We listed values of the measured (meas) (μ_eff-meas) and theoretical (theo) effective PM moments $\left({\mu }_{\text{eff}-\text{theo}}^{\text{Cr}}=g_J{\mu }_{\text{B}}\sqrt{S\left(S+1\right)}=3.873{\mu }_{\text{B}}\left({\text{Cr}}^{3+}:3d^3,J=S=\frac{3}{2},g_J=2\right),{\mu }_{\text{eff}-\text{theo}}^{\text{RE}}=g_J{\mu }_B\sqrt{J\left(J+1\right)},\text{and}{\mu }_{\text{eff}-\text{theo}}^{\text{total}}=\sqrt{{\left({\mu }_{\text{eff}-\text{theo}}^{\text{RE}}\right)}^2+{\left({\mu }_{\text{eff}-\text{theo}}^{\text{Cr}}\right)}^2}\right)$, the measured moment (M_meas per formula at 1.8 K and 14 T), and the theoretical saturation moments $\left(M_{\text{sat}-\text{theo}}^{\text{Cr}}=g_J{\mu }_{\text{B}}S=3{\mu }_B,M_{\text{sat}-\text{theo}}^{\text{RE}}=g_J{\mu }_{\text{B}}J,\text{and}{M}_{\text{sat}-\text{theo}}^{\text{total}}=\sqrt{{\left(M_{\text{sat}-\text{theo}}^{\text{RE}}\right)}^2+{\left(M_{\text{sat}-\text{theo}}^{\text{Cr}}\right)}^2}\right)$. The values of T_N, μ_eff-meas, and CW temperature (θ_CW) were extracted from the M-T measurements by the CW-law fitting.

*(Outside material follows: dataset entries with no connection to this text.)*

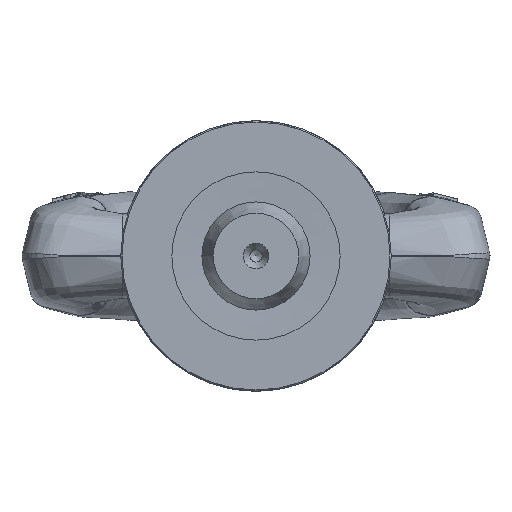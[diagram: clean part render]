
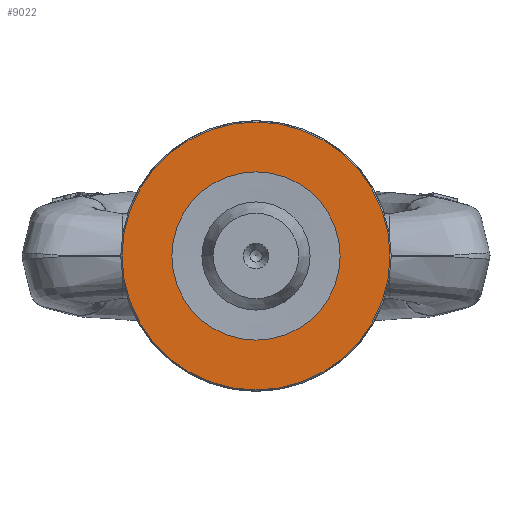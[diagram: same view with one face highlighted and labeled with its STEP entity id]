
A CAD part, front view. The second image highlights one B-rep face of the part: STEP entity #9022.
In plain terms, the highlighted planar face has unit normal (0, -1, 0) as drawn and (0, 0, -1) by its records, which use the part's own axes.
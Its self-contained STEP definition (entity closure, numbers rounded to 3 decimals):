
#2110=PLANE('',#9622);
#2270=FACE_BOUND('',#3273,.T.);
#2689=FACE_OUTER_BOUND('',#3272,.T.);
#3272=EDGE_LOOP('',(#7884));
#3273=EDGE_LOOP('',(#7885));
#3578=CIRCLE('',#9619,22.3);
#3580=CIRCLE('',#9623,14.);
#4312=VERTEX_POINT('',#24975);
#4314=VERTEX_POINT('',#24981);
#5546=EDGE_CURVE('',#4312,#4312,#3578,.T.);
#5548=EDGE_CURVE('',#4314,#4314,#3580,.T.);
#7884=ORIENTED_EDGE('',*,*,#5546,.F.);
#7885=ORIENTED_EDGE('',*,*,#5548,.F.);
#9022=ADVANCED_FACE('',(#2689,#2270),#2110,.F.);
#9619=AXIS2_PLACEMENT_3D('',#24976,#10902,#10903);
#9622=AXIS2_PLACEMENT_3D('',#24980,#10908,#10909);
#9623=AXIS2_PLACEMENT_3D('',#24982,#10910,#10911);
#10902=DIRECTION('center_axis',(0.,0.,1.));
#10903=DIRECTION('ref_axis',(-1.,0.,0.));
#10908=DIRECTION('center_axis',(0.,0.,1.));
#10909=DIRECTION('ref_axis',(1.,0.,0.));
#10910=DIRECTION('center_axis',(0.,0.,-1.));
#10911=DIRECTION('ref_axis',(-1.,0.,0.));
#24975=CARTESIAN_POINT('',(22.3,0.,0.));
#24976=CARTESIAN_POINT('Origin',(0.,0.,0.));
#24980=CARTESIAN_POINT('Origin',(0.,0.,0.));
#24981=CARTESIAN_POINT('',(14.,0.,0.));
#24982=CARTESIAN_POINT('Origin',(0.,0.,0.));

The values of M_meas were extracted from the M-B data. The numbers in parenthesis are the estimated standard deviations of the (next) last significant digit. Some parameters of YCrO₃ (Zhu et al., 2020a) and GdCrO₃ (Zhu et al., 2020c) were referred to in our previous studies.